Which lines of the entries contain the string "under"? Copy each of them.

------------------------

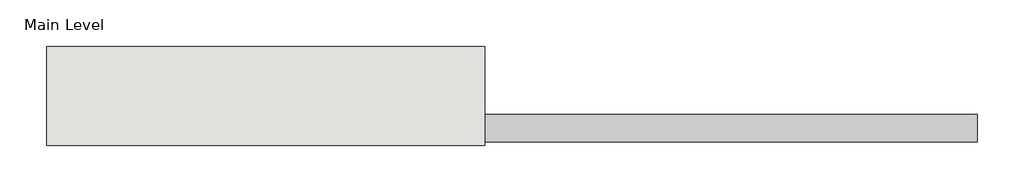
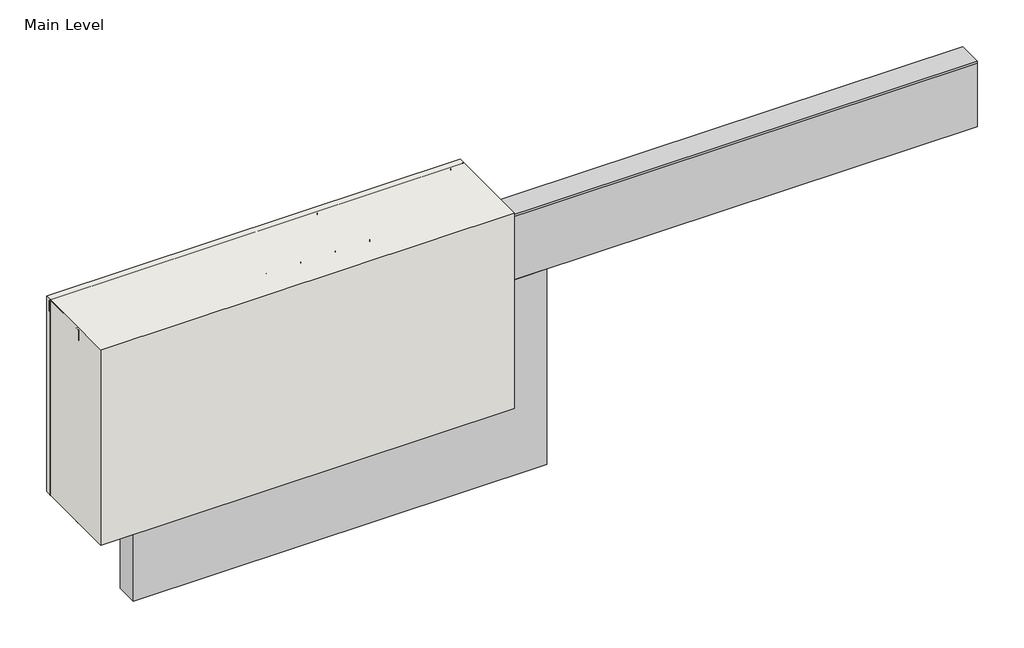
# One storey, incomplete: 15 proxies, 1 wall.
"""IFC4 building model written with IfcOpenShell, lengths in millimetres."""

from ifc_helpers import new_model, si_unit, origin, origin_with_axes, place, context, project, spatial, polyline, outline, extrude, transform, mapped, element, save
from components import generic_models_ff296894, generic_models_2388f69b, proxy_50213ae0, proxy_4c3b85e5, wood_blocking_3523bb6f

model = new_model("IFC4")

# Units and contexts
model_context = context("Model", 3, world=origin())
ifc_project = project(units=[si_unit("LENGTHUNIT", "METRE", prefix="MILLI")], contexts=[model_context])

# Site, building, storey
site = spatial("IfcSite", under=ifc_project)
building = spatial("IfcBuilding", under=site)
storey = spatial("IfcBuildingStorey", under=building, Name="Main Level", Elevation=0.0)

# Proxies
placement = place(None, origin())
generic_models_shape = generic_models_ff296894(model_context)
element("IfcBuildingElementProxy", 1, Name="Durabond Generic Model Insulation Adhesive Flat : Durabond Generic Model Insulation Adhesive Flat", ObjectType="Durabond Generic Model Insulation Adhesive Flat : Durabond Generic Model Insulation Adhesive Flat", at=placement, inside=storey, context=model_context, shape_type="MappedRepresentation", body=[
    mapped(generic_models_shape, transform((26367.7289273, 627.6316297, 0.0), x_axis=(1.0, 0.0, 0.0), y_axis=(0.0, 1.0, 0.0), z_axis=(0.0, 0.0, 1.0))),
])
element("IfcBuildingElementProxy", 2, Name="Durabond Generic Model Insulation Adhesive Flat : Durabond Generic Model Insulation Adhesive Flat", ObjectType="Durabond Generic Model Insulation Adhesive Flat : Durabond Generic Model Insulation Adhesive Flat", at=placement, inside=storey, context=model_context, shape_type="MappedRepresentation", body=[
    mapped(generic_models_shape, transform((26469.3289273, 627.6316297, 0.0), x_axis=(1.0, 0.0, 0.0), y_axis=(0.0, 1.0, 0.0), z_axis=(0.0, 0.0, 1.0))),
])
element("IfcBuildingElementProxy", 3, Name="Durabond Generic Model Insulation Adhesive Flat : Durabond Generic Model Insulation Adhesive Flat", ObjectType="Durabond Generic Model Insulation Adhesive Flat : Durabond Generic Model Insulation Adhesive Flat", at=placement, inside=storey, context=model_context, shape_type="MappedRepresentation", body=[
    mapped(generic_models_shape, transform((26570.9289273, 627.6316297, 0.0), x_axis=(1.0, 0.0, 0.0), y_axis=(0.0, 1.0, 0.0), z_axis=(0.0, 0.0, 1.0))),
])
element("IfcBuildingElementProxy", 4, Name="Durabond Generic Model Insulation Adhesive Flat : Durabond Generic Model Insulation Adhesive Flat", ObjectType="Durabond Generic Model Insulation Adhesive Flat : Durabond Generic Model Insulation Adhesive Flat", at=placement, inside=storey, context=model_context, shape_type="MappedRepresentation", body=[
    mapped(generic_models_shape, transform((26672.5289273, 627.6316297, 0.0), x_axis=(1.0, 0.0, 0.0), y_axis=(0.0, 1.0, 0.0), z_axis=(0.0, 0.0, 1.0))),
])
element("IfcBuildingElementProxy", 5, Name="Durabond Generic Model Insulation Adhesive Flat : Durabond Generic Model Insulation Adhesive Flat", ObjectType="Durabond Generic Model Insulation Adhesive Flat : Durabond Generic Model Insulation Adhesive Flat", at=placement, inside=storey, context=model_context, shape_type="MappedRepresentation", body=[
    mapped(generic_models_shape, transform((26774.1289273, 627.6316297, 0.0), x_axis=(1.0, 0.0, 0.0), y_axis=(0.0, 1.0, 0.0), z_axis=(0.0, 0.0, 1.0))),
])
element("IfcBuildingElementProxy", 6, Name="Durabond Generic Model Insulation Adhesive Flat : Durabond Generic Model Insulation Adhesive Flat", ObjectType="Durabond Generic Model Insulation Adhesive Flat : Durabond Generic Model Insulation Adhesive Flat", at=placement, inside=storey, context=model_context, shape_type="MappedRepresentation", body=[
    mapped(generic_models_shape, transform((26875.7289273, 627.6316297, 0.0), x_axis=(1.0, 0.0, 0.0), y_axis=(0.0, 1.0, 0.0), z_axis=(0.0, 0.0, 1.0))),
])
element("IfcBuildingElementProxy", 7, Name="Durabond Generic Model Insulation Adhesive Flat : Durabond Generic Model Insulation Adhesive Flat", ObjectType="Durabond Generic Model Insulation Adhesive Flat : Durabond Generic Model Insulation Adhesive Flat", at=placement, inside=storey, context=model_context, shape_type="MappedRepresentation", body=[
    mapped(generic_models_shape, transform((26977.3289273, 627.6316297, 0.0), x_axis=(1.0, 0.0, 0.0), y_axis=(0.0, 1.0, 0.0), z_axis=(0.0, 0.0, 1.0))),
])
element("IfcBuildingElementProxy", 8, Name="Durabond Generic Model Insulation Adhesive Flat : Durabond Generic Model Insulation Adhesive Flat", ObjectType="Durabond Generic Model Insulation Adhesive Flat : Durabond Generic Model Insulation Adhesive Flat", at=placement, inside=storey, context=model_context, shape_type="MappedRepresentation", body=[
    mapped(generic_models_shape, transform((27078.9289273, 627.6316297, 0.0), x_axis=(1.0, 0.0, 0.0), y_axis=(0.0, 1.0, 0.0), z_axis=(0.0, 0.0, 1.0))),
])
element("IfcBuildingElementProxy", 9, Name="Durabond Generic Model Insulation Adhesive Flat : Durabond Generic Model Insulation Adhesive Flat", ObjectType="Durabond Generic Model Insulation Adhesive Flat : Durabond Generic Model Insulation Adhesive Flat", at=placement, inside=storey, context=model_context, shape_type="MappedRepresentation", body=[
    mapped(generic_models_shape, transform((27180.5289273, 627.6316297, 0.0), x_axis=(1.0, 0.0, 0.0), y_axis=(0.0, 1.0, 0.0), z_axis=(0.0, 0.0, 1.0))),
])
element("IfcBuildingElementProxy", 10, Name="Durabond Generic Model Insulation Adhesive Flat : Durabond Generic Model Insulation Adhesive Flat", ObjectType="Durabond Generic Model Insulation Adhesive Flat : Durabond Generic Model Insulation Adhesive Flat", at=placement, inside=storey, context=model_context, shape_type="MappedRepresentation", body=[
    mapped(generic_models_shape, transform((27282.1289273, 627.6316297, 0.0), x_axis=(1.0, 0.0, 0.0), y_axis=(0.0, 1.0, 0.0), z_axis=(0.0, 0.0, 1.0))),
])
element("IfcBuildingElementProxy", 11, Name="Durabond Generic Model Insulation Adhesive Flat : Durabond Generic Model Insulation Adhesive Flat", ObjectType="Durabond Generic Model Insulation Adhesive Flat : Durabond Generic Model Insulation Adhesive Flat", at=placement, inside=storey, context=model_context, shape_type="MappedRepresentation", body=[
    mapped(generic_models_shape, transform((27383.7289273, 627.6316297, 0.0), x_axis=(1.0, 0.0, 0.0), y_axis=(0.0, 1.0, 0.0), z_axis=(0.0, 0.0, 1.0))),
])
generic_models_2_shape = generic_models_2388f69b(model_context)
element("IfcBuildingElementProxy", 12, Name="CRAi Generic Model Metal Stud Array : CRAi Generic Model Metal Stud Array", ObjectType="CRAi Generic Model Metal Stud Array : CRAi Generic Model Metal Stud Array", at=placement, inside=storey, context=model_context, shape_type="MappedRepresentation", body=[
    mapped(generic_models_2_shape, transform((26824.9289273, 726.0566297, 0.0), x_axis=(-1.0, 0.0, 0.0), y_axis=(0.0, -1.0, 0.0), z_axis=(0.0, 0.0, 1.0))),
])
proxy_shape = proxy_50213ae0(model_context)
element("IfcBuildingElementProxy", 13, Name="Durabond Generic Model Quantum Select 5-0 Insulation Board : 3\"", ObjectType="Durabond Generic Model Quantum Select 5-0 Insulation Board : 3\"", at=placement, inside=storey, context=model_context, shape_type="MappedRepresentation", body=[
    mapped(proxy_shape, transform((26926.5289273, 624.4566297, 88.9), x_axis=(1.0, 0.0, 0.0), y_axis=(0.0, 0.0, 1.0), z_axis=(0.0, -1.0, 0.0))),
])
proxy_2_shape = proxy_4c3b85e5(model_context)
element("IfcBuildingElementProxy", 14, Name="Durabond Generic Model Quantum Select 5-0 Boundary Board : 3\"", ObjectType="Durabond Generic Model Quantum Select 5-0 Boundary Board : 3\"", at=placement, inside=storey, context=model_context, shape_type="MappedRepresentation", body=[
    mapped(proxy_2_shape, transform((27586.9289273, 624.4566297, 495.3), x_axis=(-1.0, 0.0, 0.0), y_axis=(0.0, 0.0, -1.0), z_axis=(0.0, -1.0, 0.0))),
])
wood_blocking_shape = wood_blocking_3523bb6f(model_context)
element("IfcBuildingElementProxy", 15, Name="CRAi Generic Model Line Based Metal Framing Track : Wood Blocking", ObjectType="CRAi Generic Model Line Based Metal Framing Track : Wood Blocking", at=placement, inside=storey, context=model_context, shape_type="MappedRepresentation", body=[
    mapped(wood_blocking_shape, transform((26215.3289273, 802.2566297, 609.6), x_axis=(1.0, 0.0, 0.0), y_axis=(0.0, -1.0, 0.0), z_axis=(0.0, 0.0, -1.0))),
])

# Wall
element("IfcWall", 16, ObjectType="189mm (7.5”) EIFS Field Applied on Mtl. Stud Layer - 50mm Grooved Insulation Board Metal Stud Wall", at=placement, inside=storey, context=model_context, shape_type="SweptSolid", body=[
    extrude(outline(polyline([(27434.5289273, 538.7316297), (26215.3289273, 538.7316297), (26215.3289273, 814.9566297), (27434.5289273, 814.9566297), (27434.5289273, 538.7316297)])), origin_with_axes(), (0.0, 0.0, 1.0), 609.6),
])

save(model, "model.ifc")

------------------------

(Expected output):
site = spatial("IfcSite", under=ifc_project)
building = spatial("IfcBuilding", under=site)
storey = spatial("IfcBuildingStorey", under=building, Name="Main Level", Elevation=0.0)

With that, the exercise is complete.